Previous reporting by Reuters and others had established a connection between nChain, formerly known as EITC Holdings, and Wright.  The firm, in its previous instantiation, was a vehicle for filing hundreds of bitcoin and blockchain-related patents.

According to U.S. recordings, the firm holds over 80 bitcoin and blockchain-related patents. The investing fund is managed by Liechtenstein-based Accuro Fund Solutions, part of Zurich-based Accuro Group.

It is notable that there are many in the bitcoin community that do not believe Wright is really Satoshi Nakamoto — and Wright has been largely absent from the public eye since being unmasked. He has publicly stated of late, however, that he would like to be part of bitcoin’s future.

“We will scale and grow bitcoin to become what it was envisioned to be,” he said. “All I do is to help grow the use of bitcoin, and I want to see it in daily use by at least a billion people on-chain. We have the funds, the people and the technology to do this.”

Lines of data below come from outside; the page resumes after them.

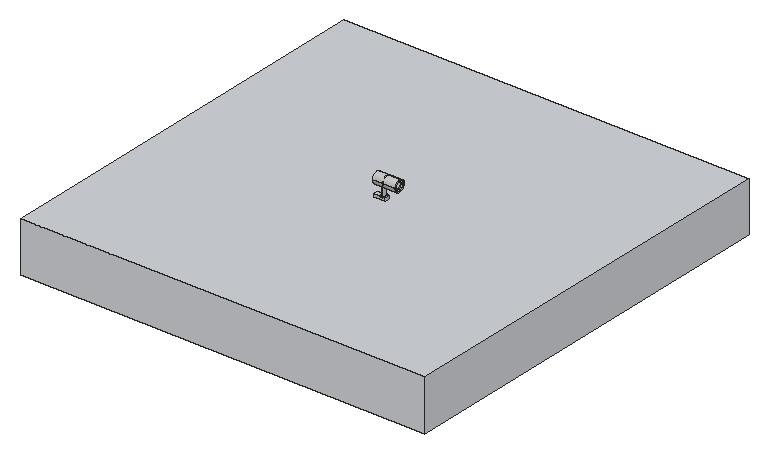
Revit family "LAMP_HANCE TRACK FLOOD (DALI)", category Modelos genéricos, Revit 2015
Parameters (values of type "639LM 3000 BLACK")
  Weight = 0.47 kg
  Type = "COB PHILIPS"
  Total height = 190 mm
  Tilting angle [instance] = 90.00°
  Tilting [instance] = if(Tilting angle < 0.00°, 0.00°, if(Tilting angle > 90.00°, 90.00°, Tilting angle))  # 90.00°
  Rotation angle [instance] = 0.00°
  Rotation [instance] = if(Rotation angle < 0.00°, 90.00°, if(Rotation angle > 355.00°, 85.00°, Rotation angle + 90.00°))  # 90.00°
  Protection rating = "IP20"
  Profundidad tija = if(Longitud cuerpo = 210 mm, 18 mm, 8.2 mm)  # 8.2 mm
  Product datasheet = "http://www.lamp.es/product-files/TECH/HS1TK10FL830DBB-EN.pdf"
  Product code = "HS1TK10FL830DBB"
  Product URL = "http://www.lamp.es/en/family/hance_173901"
  Power Supply = "220-240V 50-60Hz"
  Power = 7 W
  Plum = 8.2 W
  Photometric web file = Cuerpo Hance TRACK FLOOD (tilting) : 639LM 3000 BLACK
  Modelo = Product code  # "HS1TK10FL830DBB"
  Model explanation = "Availability of tilting between 0º and 90º, rotation between 0º and 355º and change ring color when placed in a project."
  Material track = LAMP_Aluminio Hance Negro
  Material tija = LAMP_Aluminio Hance Negro
  Manufacturer name = "LAMP"
  Manufacturer country = "Spain"
  Manufacturer URL = "http://www.lamp.es/en"
  MacAdam = "3"
  Luminaire type = "Indoor - Spotlight"
  Longitud cuerpo = 135 mm
  Longitud aro = if(Longitud cuerpo = 135 mm, 63.6 mm, if(Longitud cuerpo = 170 mm, 98.6 mm, 138.6 mm))  # 63.6 mm
  Last update = "08/08/2018"
  Lamp = "COB LED"
  LED Lifetime = "50.000 L90 B10"
  Insulation class = "I"
  Installation instructions = "http://www.lamp.es/product-files/INS/1004280-A-INSTR.%20MONT%20HANCE%20TRACK220-SUR-REC.pdf"
  Initial intensity = 639 lm
  Initial color = 3000 K
  IEE = "A+"
  Gear = "Adjustable DALI"
  Finish = "Texturised black"
  Fabricante = Manufacturer name  # "LAMP"
  Default Elevation = 1219.2 mm
  Efficacy = 77.9 lm/W
  Diameter = 65 mm
  Descripción = "HANCE TRACK 220 1000 WW FL BK."
  Decorative ring [instance] = Aro decorativo (tilting) : Black
  Comentarios de tipo = Model explanation  # "Availability of tilting between 0º and 90º, rotation between 0º and 355º and change ring color when placed in a project."
  CRI = "80"
  Body height = 135 mm
  Angulo aro [instance] = if(Tilting = 90.00°, 90.00°, -Tilting + 180.00°)  # 90.00°
  Anchura tija = if(Longitud cuerpo = 210 mm, 28 mm, 23 mm)  # 23 mm
  Altura tija = if(Longitud cuerpo = 210 mm, 49 mm, 63 mm)  # 63 mm
Types (17, lengths in mm): name | Weight | Total height | Profundidad tija | Product datasheet | Product code | Power | Plum | Photometric web file | Modelo | Material track | Material tija | Longitud cuerpo | Longitud aro | LED Lifetime | Initial intensity | Initial color | IEE | Finish | Efficacy | Diameter | Descripción | Body height | Anchura tija | Altura tija
  (no name) | 0.47 kg | 190 | 8.2 | "http://www.lamp.es/product-files/TECH/HS1TK10FL830DBB-EN.pdf" | "HS1TK10FL830DBB" | 7 W | 8.2 W | Cuerpo Hance TRACK FLOOD (tilting) : 639LM 3000 BLACK | "HS1TK10FL830DBB" | LAMP_Aluminio Hance Negro | LAMP_Aluminio Hance Negro | 135 | 63.6 | "50.000 L90 B10" | 639 lm | 3000 K | "A+" | "Texturised black" | 77.9 lm/W | 65 | "HANCE TRACK 220 1000 WW FL BK." | 135 | 23 | 63
  639LM 3000 BLACK | 0.47 kg | 190 | 8.2 | "http://www.lamp.es/product-files/TECH/HS1TK10FL830DBB-EN.pdf" | "HS1TK10FL830DBB" | 7 W | 8.2 W | Cuerpo Hance TRACK FLOOD (tilting) : 639LM 3000 BLACK | "HS1TK10FL830DBB" | LAMP_Aluminio Hance Negro | LAMP_Aluminio Hance Negro | 135 | 63.6 | "50.000 L90 B10" | 639 lm | 3000 K | "A+" | "Texturised black" | 77.9 lm/W | 65 | "HANCE TRACK 220 1000 WW FL BK." | 135 | 23 | 63
  639LM 3000 WHITE | 0.47 kg | 190 | 8.2 | "http://www.lamp.es/product-files/TECH/HS1TK10FL830DBW-EN.pdf" | "HS1TK10FL830DBW" | 7 W | 8.2 W | Cuerpo Hance TRACK FLOOD (tilting) : 639LM 3000 WHITE | "HS1TK10FL830DBW" | LAMP_Aluminio Hance Blanco | LAMP_Aluminio Hance Blanco | 135 | 63.6 | "50.000 L90 B10" | 639 lm | 3000 K | "A+" | "Texturised matt white" | 77.9 lm/W | 65 | "HANCE TRACK 220 1000 WW FL WH." | 135 | 23 | 63
  675LM 4000 BLACK | 0.47 kg | 190 | 8.2 | "http://www.lamp.es/product-files/TECH/HS1TK10FL840DBB-EN.pdf" | "HS1TK10FL840DBB" | 7 W | 8.2 W | Cuerpo Hance TRACK FLOOD (tilting) : 675LM 4000 BLACK | "HS1TK10FL840DBB" | LAMP_Aluminio Hance Negro | LAMP_Aluminio Hance Negro | 135 | 63.6 | "50.000 L90 B10" | 675 lm | 4000 K | "A+" | "Texturised black" | 82.32 lm/W | 65 | "HANCE TRACK 220 1000 NW FL BK." | 135 | 23 | 63
  675LM 4000 WHITE | 0.47 kg | 190 | 8.2 | "http://www.lamp.es/product-files/TECH/HS1TK10FL840DBW-EN.pdf" | "HS1TK10FL840DBW" | 7 W | 8.2 W | Cuerpo Hance TRACK FLOOD (tilting) : 675LM 4000 WHITE | "HS1TK10FL840DBW" | LAMP_Aluminio Hance Blanco | LAMP_Aluminio Hance Blanco | 135 | 63.6 | "50.000 L90 B10" | 675 lm | 4000 K | "A+" | "Texturised matt white" | 82.32 lm/W | 65 | "HANCE TRACK 220 1000 NW FL WH." | 135 | 23 | 63
  1476LM 3000 BLACK | 0.65 kg | 225 | 8.2 | "http://www.lamp.es/product-files/TECH/HS1TK20FL830DBB-EN.pdf" | "HS1TK20FL830DBB" | 18 W | 21 W | Cuerpo Hance TRACK FLOOD (tilting) : 1476LM 3000 BLACK | "HS1TK20FL830DBB" | LAMP_Aluminio Hance Negro | LAMP_Aluminio Hance Negro | 170 | 98.6 | "50.000 L80 B10" | 1476 lm | 3000 K | "A" | "Texturised black" | 70.3 lm/W | 65 | "HANCE TRACK 220 2000 WW FL BK." | 170 | 23 | 63
  1476LM 3000 WHITE | 0.65 kg | 225 | 8.2 | "http://www.lamp.es/product-files/TECH/HS1TK20FL830DBW-EN.pdf" | "HS1TK20FL830DBW" | 18 W | 21 W | Cuerpo Hance TRACK FLOOD (tilting) : 1476LM 3000 WHITE | "HS1TK20FL830DBW" | LAMP_Aluminio Hance Blanco | LAMP_Aluminio Hance Blanco | 170 | 98.6 | "50.000 L80 B10" | 1476 lm | 3000 K | "A" | "Texturised matt white" | 70.3 lm/W | 65 | "HANCE TRACK 220 2000 WW FL WH." | 170 | 23 | 63
  1560LM 4000 BLACK | 0.65 kg | 225 | 8.2 | "http://www.lamp.es/product-files/TECH/HS1TK20FL840DBB-EN.pdf" | "HS1TK20FL840DBB\r\nHS1TK20FL840NBB" | 18 W | 21 W | Cuerpo Hance TRACK FLOOD (tilting) : 1560LM 4000 BLACK | "HS1TK20FL840DBB\r\nHS1TK20FL840NBB" | LAMP_Aluminio Hance Negro | LAMP_Aluminio Hance Negro | 170 | 98.6 | "50.000 L80 B10" | 1560 lm | 4000 K | "A" | "Texturised black" | 74.28 lm/W | 65 | "HANCE TRACK 220 2000 NW FL BK." | 170 | 23 | 63
  1560LM 4000 WHITE | 0.65 kg | 225 | 8.2 | "http://www.lamp.es/product-files/TECH/HS1TK20FL840DBW-EN.pdf" | "HS1TK20FL840DBW\r\nHS1TK20FL840NBB" | 18 W | 21 W | Cuerpo Hance TRACK FLOOD (tilting) : 1560LM 4000 WHITE | "HS1TK20FL840DBW\r\nHS1TK20FL840NBB" | LAMP_Aluminio Hance Blanco | LAMP_Aluminio Hance Blanco | 170 | 98.6 | "50.000 L80 B10" | 1560 lm | 4000 K | "A" | "Texturised matt white" | 74.28 lm/W | 65 | "HANCE TRACK 220 2000 NW FL WH." | 170 | 23 | 63
  2569LM 3000 BLACK | 1.35 kg | 266 | 18 | "http://www.lamp.es/product-files/TECH/HS1TK30FL830DBB-EN.pdf" | "HS1TK30FL830DBB" | 26 W | 28.6 W | Cuerpo Hance TRACK FLOOD (tilting) : 2569LM 3000 BLACK | "HS1TK30FL830DBB" | LAMP_Aluminio Hance Negro | LAMP_Aluminio Hance Negro | 210 | 138.6 | "50.000 L80 B10" | 2569 lm | 3000 K | "A+" | "Texturised black" | 89.83 lm/W | 90 | "HANCE TRACK 220 3000 WW FL BK." | 210 | 28 | 49
  2569LM 3000 WHITE | 1.35 kg | 266 | 18 | "http://www.lamp.es/product-files/TECH/HS1TK30FL830DBW-EN.pdf" | "HS1TK30FL830DBW" | 26 W | 28.6 W | Cuerpo Hance TRACK FLOOD (tilting) : 2569LM 3000 WHITE | "HS1TK30FL830DBW" | LAMP_Aluminio Hance Blanco | LAMP_Aluminio Hance Blanco | 210 | 138.6 | "50.000 L80 B10" | 2569 lm | 3000 K | "A+" | "Texturised matt white" | 89.83 lm/W | 90 | "HANCE TRACK 220 3000 WW FL WH." | 210 | 28 | 49
  2686LM 4000 BLACK | 1.35 kg | 266 | 18 | "http://www.lamp.es/product-files/TECH/HS1TK30FL840DBB-EN.pdf" | "HS1TK30FL840DBB" | 26 W | 28.6 W | Cuerpo Hance TRACK FLOOD (tilting) : 2686LM 4000 BLACK | "HS1TK30FL840DBB" | LAMP_Aluminio Hance Negro | LAMP_Aluminio Hance Negro | 210 | 138.6 | "50.000 L80 B10" | 2686 lm | 4000 K | "A+" | "Texturised black" | 93.92 lm/W | 90 | "HANCE TRACK 220 3000 NW FL BK." | 210 | 28 | 49
  2686LM 4000 WHITE | 1.35 kg | 266 | 18 | "http://www.lamp.es/product-files/TECH/HS1TK30FL840DBW-EN.pdf" | "HS1TK30FL840DBW" | 26 W | 28.6 W | Cuerpo Hance TRACK FLOOD (tilting) : 2686LM 4000 WHITE | "HS1TK30FL840DBW" | LAMP_Aluminio Hance Blanco | LAMP_Aluminio Hance Blanco | 210 | 138.6 | "50.000 L80 B10" | 2686 lm | 4000 K | "A+" | "Texturised matt white" | 93.92 lm/W | 90 | "HANCE TRACK 220 3000 NW FL WH." | 210 | 28 | 49
  3290LM 3000 BLACK | 1.35 kg | 266 | 18 | "http://www.lamp.es/product-files/TECH/HS1TK40FL830DBB-EN.pdf" | "HS1TK40FL830DBB" | 35 W | 39.5 W | Cuerpo Hance TRACK FLOOD (tilting) : 3290LM 3000 BLACK | "HS1TK40FL830DBB" | LAMP_Aluminio Hance Negro | LAMP_Aluminio Hance Negro | 210 | 138.6 | "50.000 L80 B10" | 3290 lm | 3000 K | "A+" | "Texturised black" | 83.3 lm/W | 90 | "HANCE TRACK 220 4000 WW FL BK." | 210 | 28 | 49
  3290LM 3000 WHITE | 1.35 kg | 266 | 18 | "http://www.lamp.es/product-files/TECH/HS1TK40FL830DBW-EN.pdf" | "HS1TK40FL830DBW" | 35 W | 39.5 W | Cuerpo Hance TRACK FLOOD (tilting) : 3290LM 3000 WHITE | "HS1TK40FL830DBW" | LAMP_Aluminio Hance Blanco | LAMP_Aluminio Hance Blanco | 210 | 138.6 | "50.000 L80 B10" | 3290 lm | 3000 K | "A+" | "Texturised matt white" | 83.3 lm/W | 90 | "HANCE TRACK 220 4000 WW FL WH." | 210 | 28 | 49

Without confirming how many bitcoins he owns, Wright told Reuters he would never “dump bitcoin.”

“I will sell when I do this for goods on a daily basis, or I will go down with it. Past the basics of my family’s well-being, all I have is dedicated to building the systems and institutions needed to make bitcoin successful globally,” he said.

There is also some news about what Wright and nChain intend to do with its patents. The firm “intends to make some of its intellectual property assets available to the blockchain community through open-source software and royalty-free licensing.”